Ve dediği gibi oluyor. Ibn-i Kayyim bu tür ferasetlerin hocasında yağmur kadar çok olduğunu anlatıyor. (6)
Bu sözü bir Sûfî dese ne der bu azgın selefiler?
7. Sekr hâlindeki evliyâ söyledikleri sözler konusunda mâzurdur.
   Burada Ibn-i Teymiyye Sekr, yani manevi sarhoşluk halini anlatıyor. Ve bazı büyüklerin bu halde iken söyledikleri Şeriat dışı sözlerinden bahsediyor ve bunlara günah olmadığını söylüyor ve diyor ki : « Bu kişiler hakkında söyle hükmedilir: kisinin akli haram olmayan bir şeyden gittiyse, o zaman ondan sudur eden yasak sözlerden ve fiillerden sorumlulukları yoktur. (7)
8. Tasavvuf ve Sûfîler hakkındaki tutumu.
   Burada Ibn-i Teymiyye bir grubun Tasavvuf ve Sufileri zemm ettiğini anlatıyor. Onları sünnetten ayrılmış bidatçi saydıklarını söylüyor. Başka bir grup ise bunları çok övmüş. Mahlûkatta onlardan iyisi yok demişler. Bu iki grup da yanlıştadır diyor. Ve devam ediyor « Doğru olan sudur ki, onlar (sufiler) Allâh’in teatinde (ibadetinde) çok gayret ediyorlar. » Sonra da başka gruplarda da bu konuda gayret edenlerin olduğunu söylüyor. Ve Sufiler arasında mukarreblerin olduğunu, muktesitlerin olduğunu (bunlar eshâb-i yemindendir diyor), ictihad yapıp hata edenlerin olduğunu ve son olarak nefislerine zülm edenlerin olduğunu anlatıyor. (8)

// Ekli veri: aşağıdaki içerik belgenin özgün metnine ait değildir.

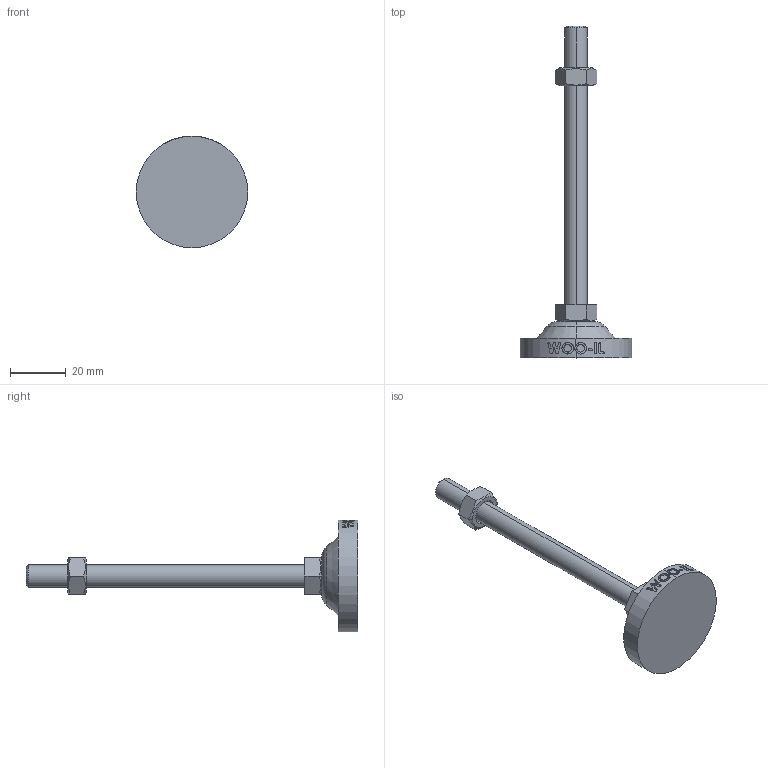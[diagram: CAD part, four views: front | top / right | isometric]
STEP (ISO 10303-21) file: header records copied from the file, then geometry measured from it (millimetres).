
FILE_DESCRIPTION (( 'STEP AP214' ), '1' );
FILE_NAME ('RB40-M8-100.step', '2021-01-18T05:48:01', ( '' ), ( '' ), 'SwSTEP 2.0', 'SolidWorks 2019', '' );
FILE_SCHEMA (( 'AUTOMOTIVE_DESIGN' ));
Length unit declared in the file: millimetre
Products named in the file (2): RB40-M8-100
Bounding box: 40 x 119 x 40 mm (x, y, z)
Volume: 16567 mm3; surface area: 8028.3 mm2
Topology: 2 solids, 3 shells, 129 faces, 323 edges, 210 vertices
Faces by surface type: plane 48, cylinder 43, bspline 18, cone 16, torus 4
Entity records: 5302 total; most frequent: CARTESIAN_POINT 2423, ORIENTED_EDGE 646, DIRECTION 483, EDGE_CURVE 323, VERTEX_POINT 210, AXIS2_PLACEMENT_3D 177, EDGE_LOOP 141, ADVANCED_FACE 129

   Bugünkü Sapık Vehhabiler bu konuda ne diyorlar acaba? Tasavvuf deyince ağızlarından çıkan kelimeler hep ayni : Hurafe, Sirk, Müşrik, Müptedi’, Istigase, Tevessül, Haram, Bid’at, Tılsım, Hurafe vs… Baş rehberleri Ibn-i Teymiyye’nin anlattığı ilk gruba dahil olmuyorlar mı ?
9. Ibn-i Teymiyye Sûfilerin mezarlığına gömüldü.
   Bu kitapta Ibn-i Teymiyye’nin hayati anlatılıyor. Burada ölümünden bahsediliyor, kılınan 4 cenaze namazından bahsediliyor ve sonunda çok kalabalık insanların başları ve elleri üzerinde cenazesinin Sufiyye’nin Kabristanlığına götürüldüğü ve orada defn edildiği anlatılıyor. (9)


Kabir Ehlinin olağan üstü halleri
   İbn-i Teymiyye : ”Peygamberlerin ve Salih insanların kabirlerinde görünen kerametler harikulade olaylarda bu şekilde değerlendirilir. Mesela o kabre meleklerin ya da nurun inmesi, şeytanların ve hayvanların o kabre yaklaşmaması, o kabrin ve çevresindekilerin yangından korunması, o kabre komşu olan diğer bazı Mevtaların ŞEFAATE nail olması, bazı kimselerin o kabirlerin yanına defolunmayı istemeleri, o kabirlerin yanında bir dostluk ve huzur arayanlar, o kabirleri aşağılayanlara azap gelmesi gibi birçok hadise HAKİKATTİR.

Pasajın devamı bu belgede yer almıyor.